My question is, if you don't mind, does it usually take this long to hear back from companies or is there something fundamentally wrong with out CV's (I doubt it though as we can get employment immediately in the UK)? Could it possibly be that we're selling ourselves as a couple? Should we be trying for hubby alone & me tagging along as family & finding work once out there?
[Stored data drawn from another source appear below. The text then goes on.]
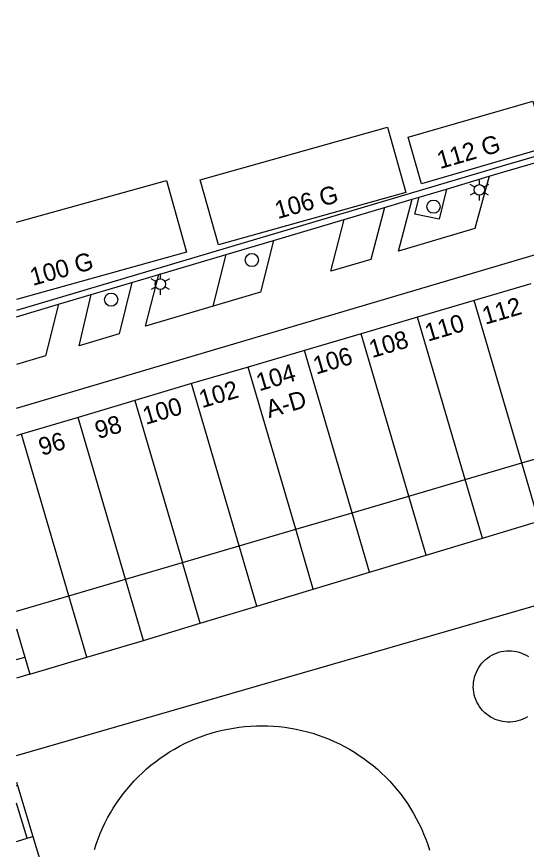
# Model space of a CAD drawing. Extents: x 122462 to 123306, y 485548 to 486417.
# Drawn here: x 122462 to 122505.2, y 486288.9 to 486359.4 of the extents above; entities that cross this region are included whole.
import ezdxf

# ---------------------------------------------------------------- set-up
doc = ezdxf.new("R2010")
doc.units = 0
for name, color, linetype in [('B-WE-IE-MEUBILAIR_WEGMEUBILAIR_VERKEERSBORD-S', 7, 'Continuous'), ('Level 1', 7, 'Continuous'), ('Level 10', 7, 'Continuous'), ('Level 12', 7, 'Continuous'), ('Level 15', 7, 'Continuous'), ('Level 17', 7, 'Continuous'), ('Level 19', 7, 'Continuous'), ('Level 2', 7, 'Continuous'), ('Level 21', 7, 'Continuous'), ('Level 22', 7, 'Continuous'), ('Level 4', 7, 'Continuous'), ('Level 50', 7, 'Continuous'), ('Level 53', 7, 'Continuous'), ('N werkgrens', 7, 'Continuous')]:
    doc.layers.add(name, color=color, linetype=linetype)

msp = doc.modelspace()

# ---------------------------------------------------------------- linework, layer by layer
at = {"layer": 'Level 1'}
for p, q in [((122505.584, 486336.761), (122500.795, 486335.351)), ((122500.795, 486335.351), (122496.006, 486333.941)), ((122496.006, 486333.941), (122491.217, 486332.53)), ((122491.217, 486332.53), (122486.428, 486331.12)), ((122486.428, 486331.12), (122481.639, 486329.71)), ((122481.639, 486329.71), (122476.85, 486328.299)), ((122476.85, 486328.299), (122472.043, 486326.87)), ((122472.043, 486326.87), (122467.237, 486325.44)), ((122467.237, 486325.44), (122462.429, 486324.009)), ((122462.429, 486324.009), (122462.03, 486323.893)), ((122504.835, 486321.584), (122509.625, 486322.99)), ((122500.045, 486320.179), (122504.835, 486321.584)), ((122495.255, 486318.772), (122500.045, 486320.179)), ((122490.465, 486317.367), (122495.255, 486318.772)), ((122485.675, 486315.961), (122490.465, 486317.367)), ((122480.885, 486314.555), (122485.675, 486315.961)), ((122476.071, 486313.143), (122480.885, 486314.555)), ((122471.261, 486311.731), (122476.071, 486313.143)), ((122466.449, 486310.319), (122471.261, 486311.731)), ((122462.03, 486309.022), (122466.449, 486310.319)), ((122462.92, 486289.797), (122463.413, 486289.945))]:
    msp.add_line(p, q, dxfattribs=at)
for points in [[(122468.612, 486288.833), (122468.761, 486289.294), (122468.926, 486289.751), (122469.106, 486290.201), (122469.3, 486290.646), (122469.508, 486291.084), (122469.731, 486291.515), (122469.968, 486291.938), (122470.218, 486292.354), (122470.482, 486292.761), (122470.759, 486293.159), (122471.049, 486293.548), (122471.352, 486293.927), (122471.667, 486294.296), (122471.993, 486294.655), (122472.331, 486295.003), (122472.681, 486295.339), (122473.041, 486295.664), (122473.411, 486295.977), (122473.792, 486296.278), (122474.182, 486296.566), (122474.582, 486296.841), (122474.99, 486297.104), (122475.407, 486297.352), (122475.831, 486297.587), (122476.263, 486297.808), (122476.702, 486298.014), (122477.148, 486298.206), (122477.599, 486298.384), (122478.056, 486298.546), (122478.518, 486298.694), (122478.985, 486298.826), (122479.456, 486298.944), (122479.93, 486299.045), (122480.407, 486299.131), (122480.887, 486299.202), (122481.369, 486299.256), (122481.853, 486299.295), (122482.338, 486299.318), (122482.823, 486299.326), (122483.308, 486299.317), (122483.792, 486299.293), (122484.276, 486299.252), (122484.758, 486299.196), (122485.237, 486299.124), (122485.714, 486299.037), (122486.189, 486298.934), (122486.659, 486298.816), (122487.125, 486298.682), (122487.587, 486298.533), (122488.044, 486298.369), (122488.495, 486298.19), (122488.94, 486297.997), (122489.378, 486297.789), (122489.809, 486297.567), (122490.233, 486297.331), (122490.649, 486297.082), (122491.056, 486296.818), (122491.455, 486296.542), (122491.845, 486296.253), (122492.224, 486295.951), (122492.594, 486295.637), (122492.953, 486295.311), (122493.302, 486294.973), (122493.639, 486294.624), (122493.965, 486294.265), (122494.278, 486293.895), (122494.58, 486293.515), (122494.869, 486293.125), (122495.145, 486292.726), (122495.407, 486292.318), (122495.657, 486291.902), (122495.892, 486291.478), (122496.114, 486291.046), (122496.321, 486290.608), (122496.514, 486290.163), (122496.692, 486289.712), (122496.856, 486289.255), (122497.004, 486288.793)], [(122462.03, 486289.529), (122462.92, 486289.797)], [(122463.413, 486289.945), (122465.586, 486282.778)]]:
    msp.add_lwpolyline(points, dxfattribs=at)
at = {"layer": 'Level 10'}
msp.add_lwpolyline([(122462.03, 486294.535), (122462.114, 486294.255), (122462.03, 486294.23)], dxfattribs=at)
at = {"layer": 'Level 12'}
for points in [[(122496.33, 486345.23), (122495.189, 486349.168), (122505.755, 486352.228), (122506.896, 486348.29), (122496.33, 486345.23)], [(122479.143, 486340.047), (122477.59, 486345.567), (122493.439, 486350.024), (122494.992, 486344.504), (122479.143, 486340.047)], [(122462.03, 486341.977), (122474.713, 486345.519), (122476.413, 486339.432), (122462.03, 486335.414)]]:
    msp.add_lwpolyline(points, dxfattribs=at)
at = {"layer": 'Level 15'}
for p, q in [((122498.442, 486344.786), (122502.076, 486345.866)), ((122496.131, 486344.1), (122498.442, 486344.786)), ((122493.191, 486343.226), (122495.533, 486343.922)), ((122495.533, 486343.922), (122496.131, 486344.1)), ((122489.784, 486342.215), (122493.191, 486343.226)), ((122483.791, 486340.435), (122489.784, 486342.215)), ((122479.778, 486339.243), (122483.791, 486340.435)), ((122474.068, 486337.547), (122479.778, 486339.243)), ((122471.778, 486336.867), (122474.068, 486337.547)), ((122468.344, 486335.847), (122471.778, 486336.867)), ((122465.573, 486335.023), (122468.344, 486335.847)), ((122462.03, 486333.971), (122465.573, 486335.023))]:
    msp.add_line(p, q, dxfattribs=at)
for points in [[(122548.544, 486359.909), (122503.438, 486346.792), (122462.03, 486334.493)], [(122502.076, 486345.866), (122502.828, 486346.089), (122503.579, 486346.312), (122510.508, 486348.327)]]:
    msp.add_lwpolyline(points, dxfattribs=at)
at = {"layer": 'Level 17'}
msp.add_line((122478.685, 486334.871), (122479.778, 486339.243), dxfattribs=at)
for points in [[(122462.03, 486326.221), (122504.943, 486338.93), (122543.859, 486350.456)], [(122502.076, 486345.866), (122500.85, 486341.44), (122494.378, 486339.522), (122495.533, 486343.922)], [(122498.442, 486344.786), (122497.827, 486342.232), (122495.776, 486342.658), (122496.131, 486344.1)], [(122493.191, 486343.226), (122492.041, 486338.829), (122488.638, 486337.821), (122489.784, 486342.215)], [(122483.791, 486340.435), (122482.697, 486336.06), (122478.685, 486334.871)], [(122478.685, 486334.871), (122472.951, 486333.171), (122474.068, 486337.547)], [(122471.778, 486336.867), (122470.723, 486332.511), (122467.325, 486331.504), (122468.344, 486335.847)], [(122465.573, 486335.023), (122464.486, 486330.662), (122462.03, 486329.934)]]:
    msp.add_lwpolyline(points, dxfattribs=at)
at = {"layer": 'Level 19'}
for p, q in [((122506.279, 486316.661), (122504.835, 486321.584)), ((122501.5, 486315.222), (122500.045, 486320.179)), ((122496.72, 486313.782), (122495.255, 486318.772)), ((122491.939, 486312.343), (122490.465, 486317.367)), ((122487.161, 486310.9), (122485.675, 486315.961)), ((122482.382, 486309.456), (122480.885, 486314.555)), ((122477.578, 486308.004), (122476.071, 486313.143)), ((122472.779, 486306.558), (122471.261, 486311.731)), ((122467.972, 486305.129), (122466.449, 486310.319)), ((122462.03, 486307.526), (122462.728, 486305.136))]:
    msp.add_line(p, q, dxfattribs=at)
at = {"layer": 'Level 2'}
for p, q in [((122462.728, 486305.136), (122463.155, 486303.698)), ((122463.155, 486303.698), (122462.03, 486303.363))]:
    msp.add_line(p, q, dxfattribs=at)
msp.add_lwpolyline([(122462.03, 486304.928), (122462.728, 486305.136)], dxfattribs=at)
at = {"layer": 'Level 21'}
for points in [[(122462.03, 486294.23), (122462.114, 486294.255), (122463.413, 486289.945)], [(122462.92, 486289.797), (122462.03, 486292.753)]]:
    msp.add_lwpolyline(points, dxfattribs=at)
at = {"layer": 'Level 22'}
for points in [[(122503.855, 486299.634), (122503.636, 486299.634), (122503.419, 486299.65), (122503.203, 486299.681), (122502.99, 486299.728), (122502.78, 486299.79), (122502.576, 486299.867), (122502.378, 486299.959), (122502.187, 486300.064), (122502.004, 486300.183), (122501.83, 486300.315), (122501.667, 486300.46), (122501.514, 486300.615), (122501.372, 486300.782), (122501.243, 486300.958), (122501.127, 486301.143), (122501.025, 486301.335), (122500.937, 486301.535), (122500.863, 486301.741), (122500.805, 486301.951), (122500.762, 486302.165), (122500.734, 486302.381), (122500.722, 486302.599), (122500.726, 486302.817), (122500.746, 486303.035), (122500.781, 486303.25), (122500.832, 486303.463), (122500.897, 486303.671), (122500.978, 486303.873), (122501.073, 486304.07), (122501.182, 486304.259), (122501.305, 486304.44), (122501.44, 486304.611), (122501.587, 486304.772), (122501.745, 486304.922), (122501.914, 486305.061), (122502.093, 486305.187), (122502.279, 486305.299), (122502.474, 486305.398), (122502.675, 486305.482), (122502.882, 486305.552), (122503.093, 486305.607), (122503.308, 486305.646), (122503.525, 486305.67), (122503.745, 486305.678), (122503.963, 486305.67), (122504.18, 486305.646), (122504.395, 486305.607), (122504.606, 486305.553), (122504.813, 486305.483), (122505.014, 486305.399), (122505.209, 486305.3), (122505.396, 486305.187)], [(122505.304, 486300.065), (122505.113, 486299.959), (122504.915, 486299.868), (122504.711, 486299.79), (122504.501, 486299.728), (122504.288, 486299.681), (122504.072, 486299.65), (122503.855, 486299.634)]]:
    msp.add_lwpolyline(points, dxfattribs=at)
at = {"layer": 'Level 4'}
for p, q in [((122504.835, 486321.584), (122500.795, 486335.351)), ((122500.045, 486320.179), (122496.006, 486333.941)), ((122495.255, 486318.772), (122491.217, 486332.53)), ((122490.465, 486317.367), (122486.428, 486331.12)), ((122485.675, 486315.961), (122481.639, 486329.71)), ((122480.885, 486314.555), (122476.85, 486328.299)), ((122472.043, 486326.87), (122476.071, 486313.143)), ((122471.261, 486311.731), (122467.237, 486325.44)), ((122466.449, 486310.319), (122462.429, 486324.009))]:
    msp.add_line(p, q, dxfattribs=at)
at = {"layer": 'Level 50'}
for p, q in [((122500.847, 486344.935), (122500.457, 486345.16)), ((122501.237, 486345.16), (122501.237, 486345.61)), ((122502.016, 486345.16), (122501.626, 486344.935)), ((122500.847, 486344.485), (122500.457, 486344.26)), ((122501.237, 486343.81), (122501.237, 486344.26)), ((122502.016, 486344.26), (122501.626, 486344.485)), ((122474.205, 486337.173), (122474.205, 486337.623)), ((122473.815, 486336.948), (122473.425, 486337.173)), ((122473.815, 486336.498), (122473.425, 486336.273)), ((122474.984, 486337.173), (122474.594, 486336.948)), ((122474.984, 486336.273), (122474.594, 486336.498)), ((122474.205, 486335.823), (122474.205, 486336.273))]:
    msp.add_line(p, q, dxfattribs=at)
for centre in [(122501.237, 486344.71), (122474.205, 486336.723)]:
    msp.add_circle(centre, 0.45, dxfattribs=at)
at = {"layer": 'Level 53'}
for centre in [(122497.343, 486343.29), (122481.96, 486338.772), (122470.033, 486335.415)]:
    msp.add_circle(centre, 0.56, dxfattribs=at)
at = {"layer": 'N werkgrens'}
for p, q in [((122501.5, 486315.222), (122506.279, 486316.661)), ((122496.72, 486313.782), (122501.5, 486315.222)), ((122491.939, 486312.343), (122496.72, 486313.782)), ((122487.161, 486310.9), (122491.939, 486312.343)), ((122462.03, 486296.791), (122509.741, 486310.586)), ((122482.382, 486309.456), (122487.161, 486310.9)), ((122477.578, 486308.004), (122482.382, 486309.456)), ((122472.779, 486306.558), (122477.578, 486308.004)), ((122467.972, 486305.129), (122472.779, 486306.558)), ((122463.155, 486303.698), (122467.972, 486305.129))]:
    msp.add_line(p, q, dxfattribs=at)

# ---------------------------------------------------------------- texts
at = {"layer": 'B-WE-IE-MEUBILAIR_WEGMEUBILAIR_VERKEERSBORD-S'}
for s, rotation, p in [('112 G', 16.15145, (122497.9, 486346.466)), ('106 G', 15.70686, (122484.153, 486342.235)), ('100 G', 15.60776, (122463.401, 486336.576)), ('112', 16.3905, (122501.734, 486333.283)), ('110', 16.3905, (122496.877, 486331.853)), ('108', 16.3905, (122492.147, 486330.461)), ('106', 16.3905, (122487.406, 486329.064)), ('104', 16.3905, (122482.584, 486327.645)), ('102', 16.3905, (122477.742, 486326.218)), ('A-D', 16.4073, (122483.405, 486325.374)), ('100', 16.3905, (122472.97, 486324.806)), ('98', 16.3905, (122468.924, 486323.599)), ('96', 16.3905, (122464.152, 486322.18))]:
    msp.add_text(s, height=1.5, rotation=rotation, dxfattribs=at).set_placement(p)

doc.saveas('drawing.dxf')

Sorry, I know no one can look into a crystal ball & tell us what's going on but I just needed a bit of a moan. The UK is driving us round the bend & we are desperate for a move. Suppose we just need to be patient but it's starting to really depress me.

Thanks for reading


----------



## dizzyizzy (Mar 30, 2008)

Hi, I am in the same situation myself, been applying for jobs online and sending CV's since May but haven't been lucky so far, every day I get a minimum of 5 declined applications  "The position bla-bla's been closed and your CV has not been shortlisted" emails are usually how I start my day. My boyfriend and other people I know who are already in Dubai think I won't have problems securing a job once I get there, problem is I will surely get a local salary (no allowances). Maybe my nationality doesn't help much either (I'm mexican). I had a couple of phone interviews but didn't hear back from the recruiter. But I persevere. Be patient and keep looking and sending your CV to as much people as you can, my boyfriend tells me networking is also useful to find a job, send your CV to everyone you know in Dubai, they may know of something. Don't give up, the right oportunity could come any day.


----------



## Maz25 (Jul 6, 2008)

I am currently living in the UK & am due to move out to Dubai at the end of next month.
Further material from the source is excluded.